What are your current projects?
Nowadays, my artistic practices have to tackle the challenge of visualizing, modeling and predicting technological issues regarding interfaces, dealing with new technological environments that change the conditions of production, and affecting the way that art is created and shown, e.g. cryptocurrencies or distributed infrastructures.
In general, all of my projects are completely different. I focus on critical art practices, emphasizing the uncovering of problems hidden from the user’s gaze. Walter Benjamin (1936) argues that artists need to “enter into debate” with the apparatus instead of “thinking that they are in possession of an apparatus that in reality possesses them.”
In collaboration with Martín Nadal, we developed Bittercoin, the worst miner ever –an old calculator machine hacked to be used as a miner validating the pending bitcoin transactions in the blockchain. It works as the most basic type of computer, increasing the time needed to produce bitcoins to almost an eternity. Bittercoin is about the resources, effort and working time expended by technological devices. Bittercoin is a fully functional miner that connects to blockchain. Although it is very unlikely, in the event of successfully mining a block, the “nonce” would be sent back to the server, entering the corresponding Bitcoins of the reward to our Bitcoin Wallet.

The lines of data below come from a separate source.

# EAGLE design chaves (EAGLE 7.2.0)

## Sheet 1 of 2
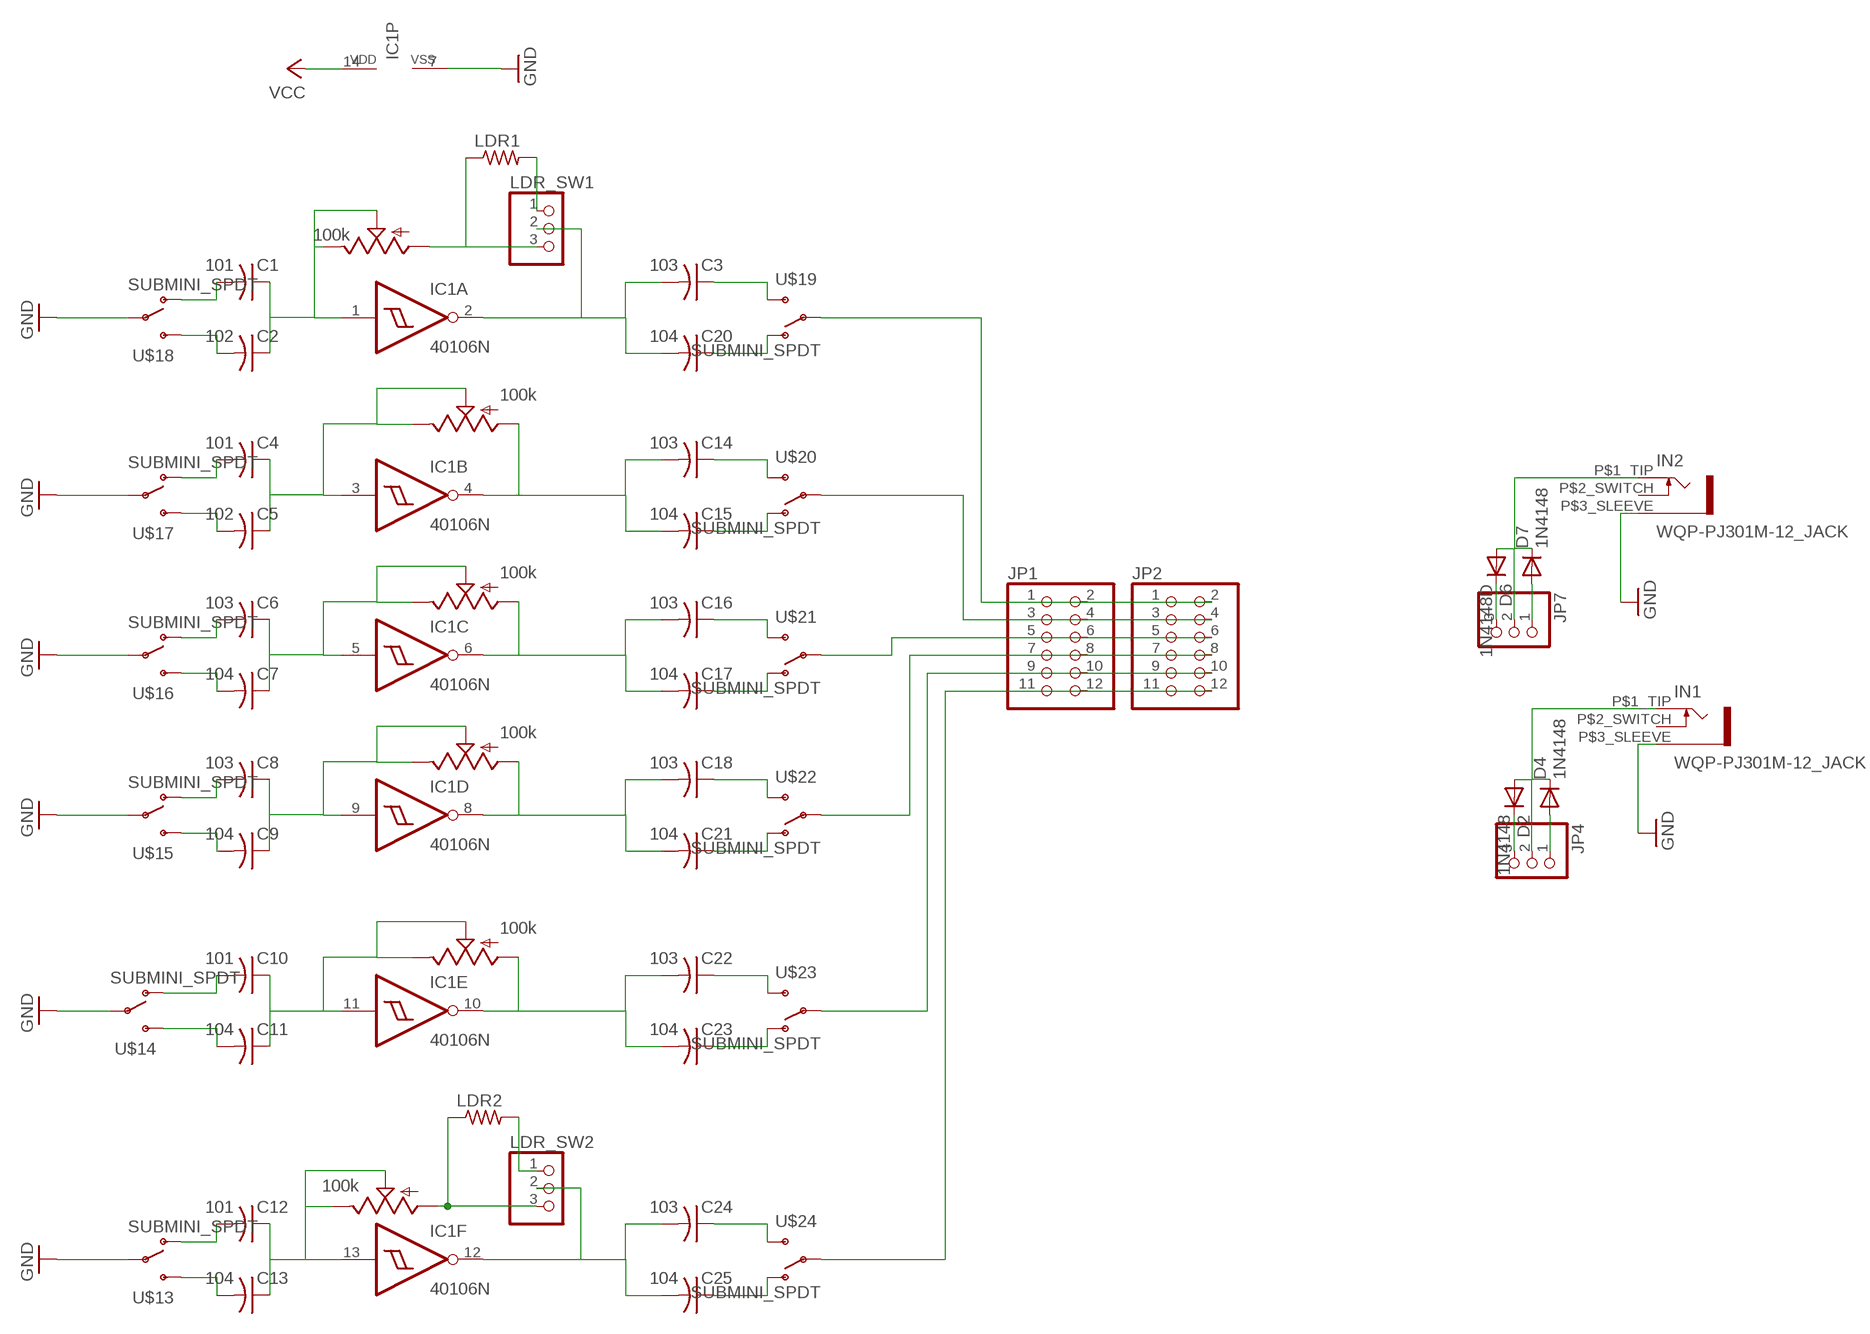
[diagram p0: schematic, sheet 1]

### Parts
C1  101  C-US050-025X075  [C050-025X075]
C2  102  C-US050-025X075  [C050-025X075]
C3  103  C-US050-025X075  [C050-025X075]
C4  101  C-US050-025X075  [C050-025X075]
C5  102  C-US050-025X075  [C050-025X075]
C6  103  C-US050-025X075  [C050-025X075]
C7  104  C-US050-025X075  [C050-025X075]
C8  103  C-US050-025X075  [C050-025X075]
C9  104  C-US050-025X075  [C050-025X075]
C10  101  C-US050-025X075  [C050-025X075]
C11  104  C-US050-025X075  [C050-025X075]
C12  101  C-US050-025X075  [C050-025X075]
C13  104  C-US050-025X075  [C050-025X075]
C14  103  C-US050-025X075  [C050-025X075]
C15  104  C-US050-025X075  [C050-025X075]
C16  103  C-US050-025X075  [C050-025X075]
C17  104  C-US050-025X075  [C050-025X075]
C18  103  C-US050-025X075  [C050-025X075]
C20  104  C-US050-025X075  [C050-025X075]
C21  104  C-US050-025X075  [C050-025X075]
C22  103  C-US050-025X075  [C050-025X075]
C23  104  C-US050-025X075  [C050-025X075]
C24  103  C-US050-025X075  [C050-025X075]
C25  104  C-US050-025X075  [C050-025X075]
D2  1N4148  1N4148DO35-7  [DO35-7]
D4  1N4148  1N4148DO35-7  [DO35-7]
D6  1N4148D  1N4148DO35-7  [DO35-7]
D7  1N4148  1N4148DO35-7  [DO35-7]
IC1  40106N  [DIL14]
IN1  WQP-PJ301M-12_JACK  [WQP-PJ301M-12_JACK]
IN2  WQP-PJ301M-12_JACK  [WQP-PJ301M-12_JACK]
JP1  PINHD-2X6  [2X06]
JP2  PINHD-2X6  [2X06]
JP4  PINHD-1X3CB  [1X03-CLEANBIG]
JP7  PINHD-1X3CB  [1X03-CLEANBIG]
LDR1  R-US_0204/7  [0204/7]
LDR2  R-US_0204/7  [0204/7]
LDR_SW1  PINHD-1X3  [1X03]
LDR_SW2  PINHD-1X3  [1X03]
POT1  100k  POT_USVERTICAL  [ALPS_POT_VERTICAL]
POT2  100k  POT_USVERTICAL  [ALPS_POT_VERTICAL]
POT3  100k  POT_USVERTICAL  [ALPS_POT_VERTICAL]
POT4  100k  POT_USVERTICAL  [ALPS_POT_VERTICAL]
POT5  100k  POT_USVERTICAL  [ALPS_POT_VERTICAL]
POT6  100k  POT_USVERTICAL  [ALPS_POT_VERTICAL]
U$13  SUBMINI_SPDT  [SUBMINI_TOGGLE]
U$14  SUBMINI_SPDT  [SUBMINI_TOGGLE]
U$15  SUBMINI_SPDT  [SUBMINI_TOGGLE]
U$16  SUBMINI_SPDT  [SUBMINI_TOGGLE]
U$17  SUBMINI_SPDT  [SUBMINI_TOGGLE]
U$18  SUBMINI_SPDT  [SUBMINI_TOGGLE]
U$19  SUBMINI_SPDT  [SUBMINI_TOGGLE]
U$20  SUBMINI_SPDT  [SUBMINI_TOGGLE]
U$21  SUBMINI_SPDT  [SUBMINI_TOGGLE]
U$22  SUBMINI_SPDT  [SUBMINI_TOGGLE]
U$23  SUBMINI_SPDT  [SUBMINI_TOGGLE]
U$24  SUBMINI_SPDT  [SUBMINI_TOGGLE]

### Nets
GND: IC1.7(P:VSS) IN1.P$3_SLEEVE IN2.P$3_SLEEVE U$13.COM(COMMON) U$14.COM(COMMON) U$15.COM(COMMON) U$16.COM(COMMON) U$17.COM(COMMON) U$18.COM(COMMON) ; also sheet 2
GND1: C3.2 C20.2 IC1.2(A:O) LDR_SW1.2
GND2: C14.2 C15.2 IC1.4(B:O) POT2.P$3(A)
GND3: C16.2 C17.2 IC1.6(C:O) POT3.P$3(A)
GND4: C18.2 C21.2 IC1.8(D:O) POT4.P$3(A)
GND5: C22.2 C23.2 IC1.10(E:O) POT5.P$3(A)
GND6: C24.2 C25.2 IC1.12(F:O) LDR_SW2.2
N$1: C1.2 U$18.1(O)
N$2: C2.2 U$18.3(S)
N$3: LDR2.2 LDR_SW2.1
N$4: C5.2 U$17.3(S)
N$5: C4.2 U$17.1(O)
N$6: LDR1.2 LDR_SW1.1
N$7: C8.2 U$15.1(O)
N$8: C9.2 U$15.3(S)
N$9: D6.A D7.C IN2.P$1_TIP JP7.2
N$10: C6.2 U$16.1(O)
N$11: C7.2 U$16.3(S)
N$16: C20.1 U$19.1(O)
N$17: C3.1 U$19.3(S)
N$18: JP1.1 JP1.2 JP2.1 JP2.2 U$19.COM(COMMON)
N$19: LDR1.1 LDR_SW1.3 POT1.P$3(A)
N$22: LDR2.1 LDR_SW2.3 POT6.P$3(A)
N$23: D2.A D4.C IN1.P$1_TIP JP4.2
N$24: C15.1 U$20.1(O)
N$26: C14.1 U$20.3(S)
N$27: JP1.3 JP1.4 JP2.3 JP2.4 U$20.COM(COMMON)
N$28: C17.1 U$21.1(O)
N$29: C16.1 U$21.3(S)
N$30: JP1.5 JP1.6 JP2.5 JP2.6 U$21.COM(COMMON)
N$31: C1.1 C2.1 IC1.1(A:I) POT1.P$1(E) POT1.P$2(S)
N$32: C4.1 C5.1 IC1.3(B:I) POT2.P$1(E) POT2.P$2(S)
N$33: C6.1 C7.1 IC1.5(C:I) POT3.P$1(E) POT3.P$2(S)
N$34: C8.1 C9.1 IC1.9(D:I) POT4.P$1(E) POT4.P$2(S)
N$37: C21.1 U$22.1(O)
N$38: C18.1 U$22.3(S)
N$39: JP1.7 JP1.8 JP2.7 JP2.8 U$22.COM(COMMON)
N$40: C23.1 U$23.1(O)
N$41: C22.1 U$23.3(S)
N$42: JP1.9 JP1.10 JP2.9 JP2.10 U$23.COM(COMMON)
N$43: C25.1 U$24.1(O)
N$44: C24.1 U$24.3(S)
N$45: JP1.11 JP1.12 JP2.11 JP2.12 U$24.COM(COMMON)
N$46: C10.2 U$14.1(O)
N$47: C10.1 C11.1 IC1.11(E:I) POT5.P$1(E) POT5.P$2(S)
N$48: C11.2 U$14.3(S)
N$49: C13.2 U$13.3(S)
N$50: C12.2 U$13.1(O)
N$51: C12.1 C13.1 IC1.13(F:I) POT6.P$1(E) POT6.P$2(S)
N$52: D2.C JP4.3
N$53: D4.A JP4.1
N$56: D6.C JP7.3
N$58: D7.A JP7.1
VCC: IC1.14(P:VDD) ; also sheet 2
Unconnected: IN1.P$2_SWITCH IN2.P$2_SWITCH

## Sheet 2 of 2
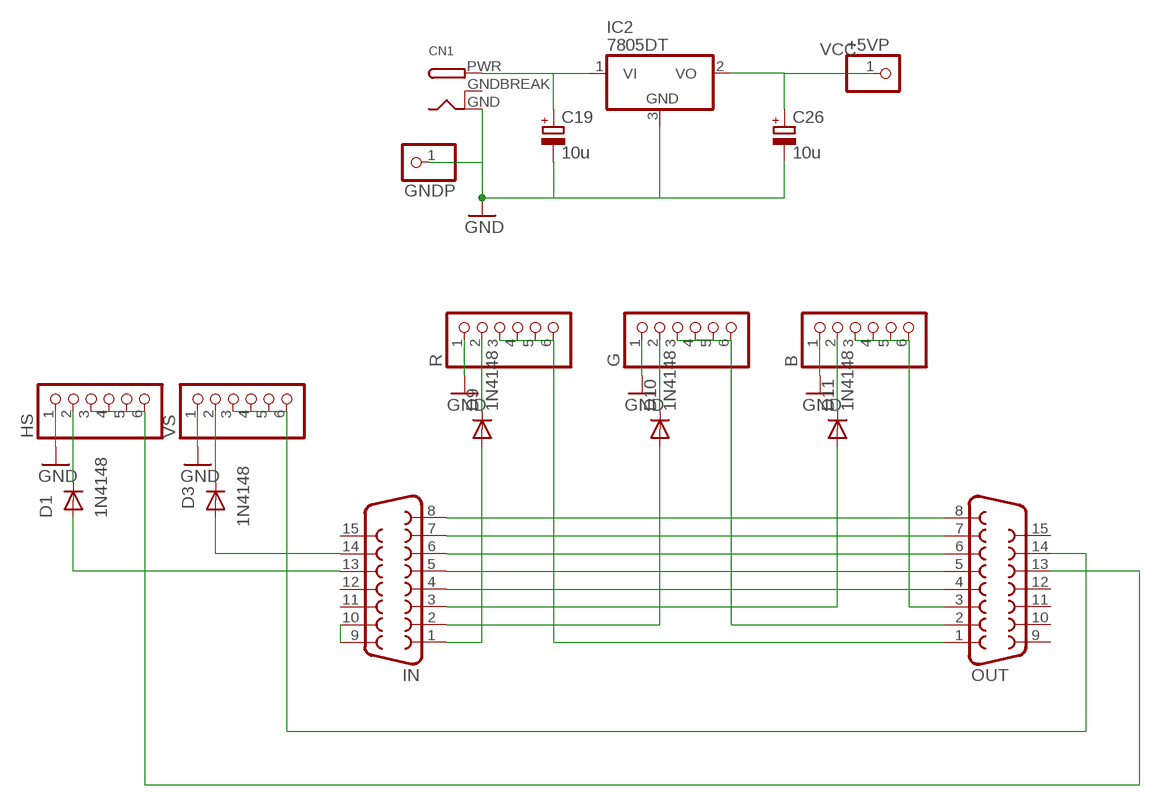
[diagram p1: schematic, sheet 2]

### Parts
+5VP  PINHD-1X1CB  [1X01-CLEANBIG]
B  PINHD-1X6CLEAN  [1X06-CLEAN]
C19  10u  CPOL-EUE2.5-5  [E2,5-5]
C26  10u  CPOL-EUE2.5-5  [E2,5-5]
CN1  DCBARRELPTH  [DCJACK_2MM_PTH]
D1  1N4148  1N4148DO35-7  [DO35-7]
D3  1N4148  1N4148DO35-7  [DO35-7]
D9  1N4148  1N4148DO35-7  [DO35-7]
D10  1N4148  1N4148DO35-7  [DO35-7]
D11  1N4148  1N4148DO35-7  [DO35-7]
G  PINHD-1X6CLEAN  [1X06-CLEAN]
GNDP  PINHD-1X1CB  [1X01-CLEANBIG]
HS  PINHD-1X6CLEAN  [1X06-CLEAN]
IC2  7805DT  [TO252]
IN  F15HDH  [HDF15H]
OUT  F15HDH  [HDF15H]
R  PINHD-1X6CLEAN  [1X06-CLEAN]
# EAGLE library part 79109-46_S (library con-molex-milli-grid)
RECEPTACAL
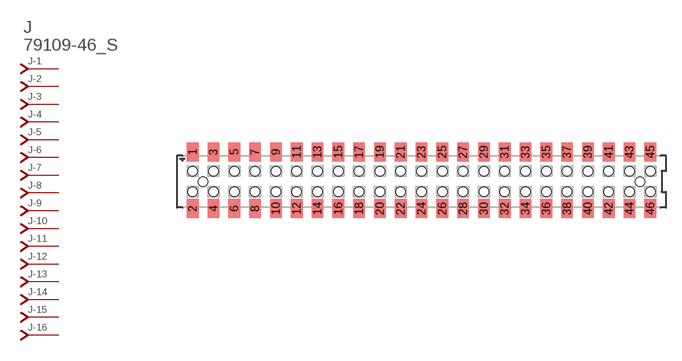
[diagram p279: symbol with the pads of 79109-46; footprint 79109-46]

Designator prefix J; gates -1=J-NV -2=J-N -3=J-N -4=J-N -5=J-N -6=J-N -7=J-N -8=J-N -9=J-N -10=J-N -11=J-N -12=J-N -13=J-N -14=J-N -15=J-N -16=J-N -17=J-N -18=J-N -19=J-N -20=J-N -21=J-N -22=J-N -23=J-N -24=J-N -25=J-N -26=J-N -27=J-N -28=J-N -29=J-N -30=J-N -31=J-N -32=J-N -33=J-N -34=J-N -35=J-N -36=J-N -37=J-N -38=J-N -39=J-N -40=J-N -41=J-N -42=J-N -43=J-N -44=J-N -45=J-N -46=J-N

## 79109-46_S  [79109-46]
1  -1:J  pas
2  -2:J  pas
3  -3:J  pas
4  -4:J  pas
5  -5:J  pas
6  -6:J  pas
7  -7:J  pas
8  -8:J  pas
9  -9:J  pas
10  -10:J  pas
11  -11:J  pas
12  -12:J  pas
13  -13:J  pas
14  -14:J  pas
15  -15:J  pas
16  -16:J  pas
17  -17:J  pas
18  -18:J  pas
19  -19:J  pas
20  -20:J  pas
21  -21:J  pas
22  -22:J  pas
23  -23:J  pas
24  -24:J  pas
25  -25:J  pas
26  -26:J  pas
27  -27:J  pas
28  -28:J  pas
29  -29:J  pas
30  -30:J  pas
31  -31:J  pas
32  -32:J  pas
33  -33:J  pas
34  -34:J  pas
35  -35:J  pas
36  -36:J  pas
37  -37:J  pas
38  -38:J  pas
39  -39:J  pas
40  -40:J  pas
41  -41:J  pas
42  -42:J  pas
43  -43:J  pas
44  -44:J  pas
45  -45:J  pas
46  -46:J  pas

## Footprint 79109-46 (pad centres in mm)
RECEPTACAL SMD Dual Row, Vertical, Pass-Thru
smd 1.12 x 1.83: 1 -22,2.85; 2 -22,-2.6; 3 -20,2.85; 4 -20,-2.6; 5 -18,2.85; 6 -18,-2.6; 7 -16,2.85; 8 -16,-2.6; 9 -14,2.85; 10 -14,-2.6; 11 -12,2.85; 12 -12,-2.6; 13 -10,2.85; 14 -10,-2.6; 15 -8,2.85; 16 -8,-2.6; 17 -6,2.85; 18 -6,-2.6; 19 -4,2.85; 20 -4,-2.6; 21 -2,2.85; 22 -2,-2.6; 23 0,2.85; 24 0,-2.6; 25 2,2.85; 26 2,-2.6; 27 4,2.85; 28 4,-2.6; 29 6,2.85; 30 6,-2.6; 31 8,2.85; 32 8,-2.6; 33 10,2.85; 34 10,-2.6; 35 12,2.85; 36 12,-2.6; 37 14,2.85; 38 14,-2.6; 39 16,2.85; 40 16,-2.6; 41 18,2.85; 42 18,-2.6; 43 20,2.85; 44 20,-2.6; 45 22,2.85; 46 22,-2.6
hole 0.914 at -21,0
hole 0.914 at -22,1
hole 0.914 at -22,-1
hole 0.914 at -20,-1
hole 0.914 at -20,1
hole 0.914 at -18,-1
hole 0.914 at -18,1
hole 0.914 at -16,1
hole 0.914 at -16,-1
hole 0.914 at -14,1
hole 0.914 at -14,-1
hole 0.914 at -12,1
hole 0.914 at -12,-1
hole 0.914 at -10,1
hole 0.914 at -10,-1
hole 0.914 at -8,-1
hole 0.914 at -8,1
hole 0.914 at -6,1
hole 0.914 at -6,-1
hole 0.914 at -4,1
hole 0.914 at -4,-1
hole 0.914 at -2,1
hole 0.914 at -2,-1
hole 0.914 at 0,-1
hole 0.914 at 0,1
hole 0.914 at 2,1
hole 0.914 at 4,1
hole 0.914 at 6,1
hole 0.914 at 2,-1
hole 0.914 at 4,-1
hole 0.914 at 6,-1
hole 0.914 at 8,-1
hole 0.914 at 10,-1
hole 0.914 at 12,-1
hole 0.914 at 14,-1
hole 0.914 at 16,-1
hole 0.914 at 8,1
hole 0.914 at 10,1
hole 0.914 at 12,1
hole 0.914 at 14,1
hole 0.914 at 16,1
hole 0.914 at 18,-1
hole 0.914 at 20,-1
hole 0.914 at 18,1
hole 0.914 at 20,1
hole 0.914 at 22,1
hole 0.914 at 22,-1
hole 0.914 at 21,0

Another project is Free Universal Cut Kit for Internet Dissidence [F.U.C.K-ID] – an autonomous cutting device, powered by marine currents, able to cut underwater Internet cables and available from the artist Web in a free download of .STL files for 3D printing. [F.U.C.K-ID] attempts to illustrate the geo-political nature of the undersea cables. The objective is to restore to users the ability to make decisions on their data and privacy, as well as to visualize one of the problems that technology hides away from the user’s gaze. In general, it is a project that serves to define technological issues and their effects on society, economy and human relations.